Return all of the data exactly, omitting any images.

# Data records:
*****
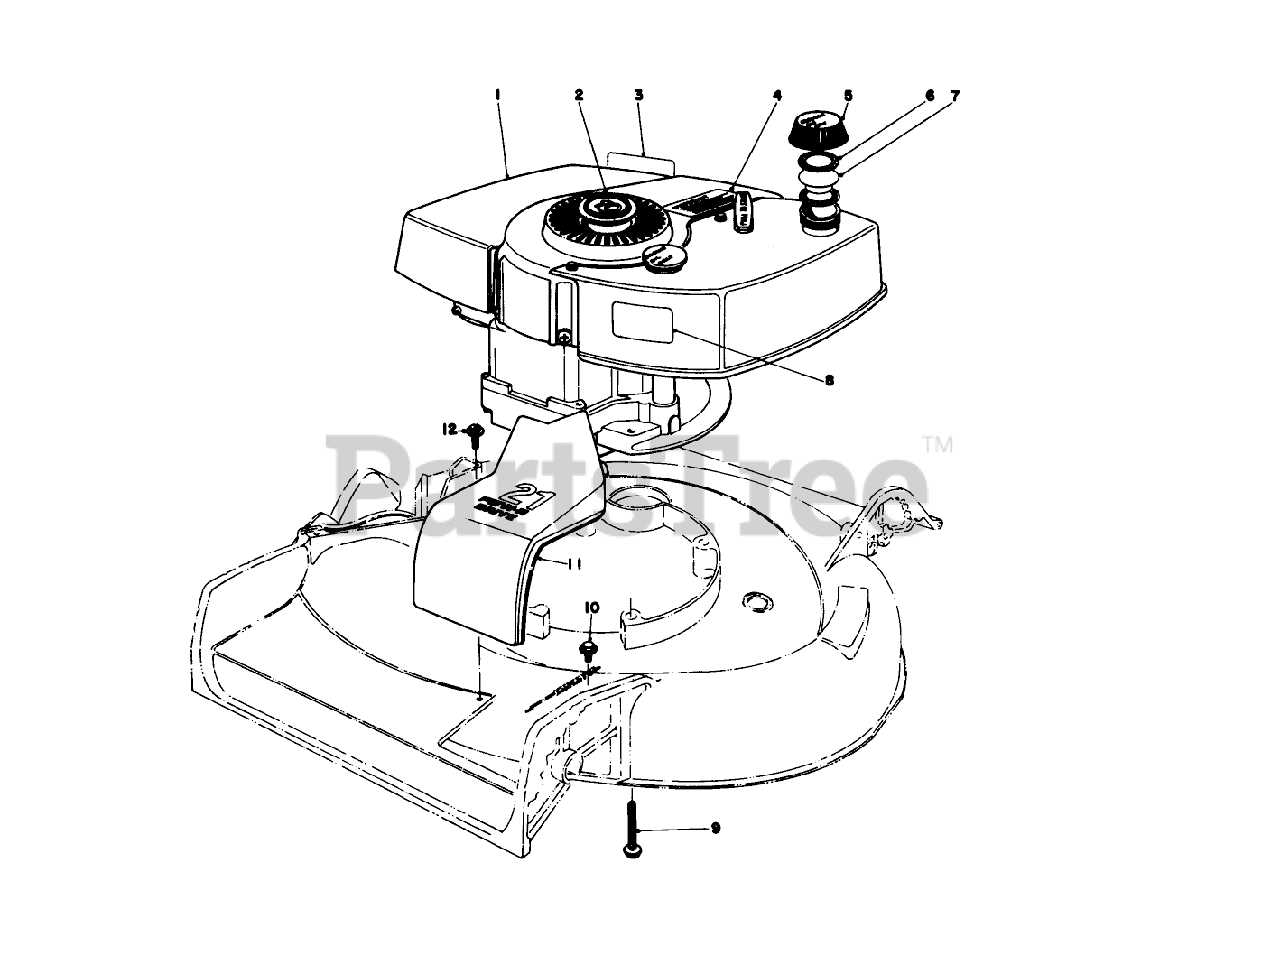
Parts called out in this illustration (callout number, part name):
1	Engine
2	PLUG BUTTON
3	Decal Maintenance
4	Decal Lockout
5	Gas Cap (Incl. Ref. #6 & 7)
6	GASKET
7	GAS CAP BAFFLE
8	Decal
9	3/8-16 X 2-3/4 CAPSCR
10	SCREW-HWHTF
11	Cover Belt Drive
12	SCREW
*****
# Task output:
Parts called out in this illustration (callout number, part name):
1	Engine
2	PLUG BUTTON
3	Decal Maintenance
4	Decal Lockout
5	Gas Cap (Incl. Ref. #6 & 7)
6	GASKET
7	GAS CAP BAFFLE
8	Decal
9	3/8-16 X 2-3/4 CAPSCR
10	SCREW-HWHTF
11	Cover Belt Drive
12	SCREW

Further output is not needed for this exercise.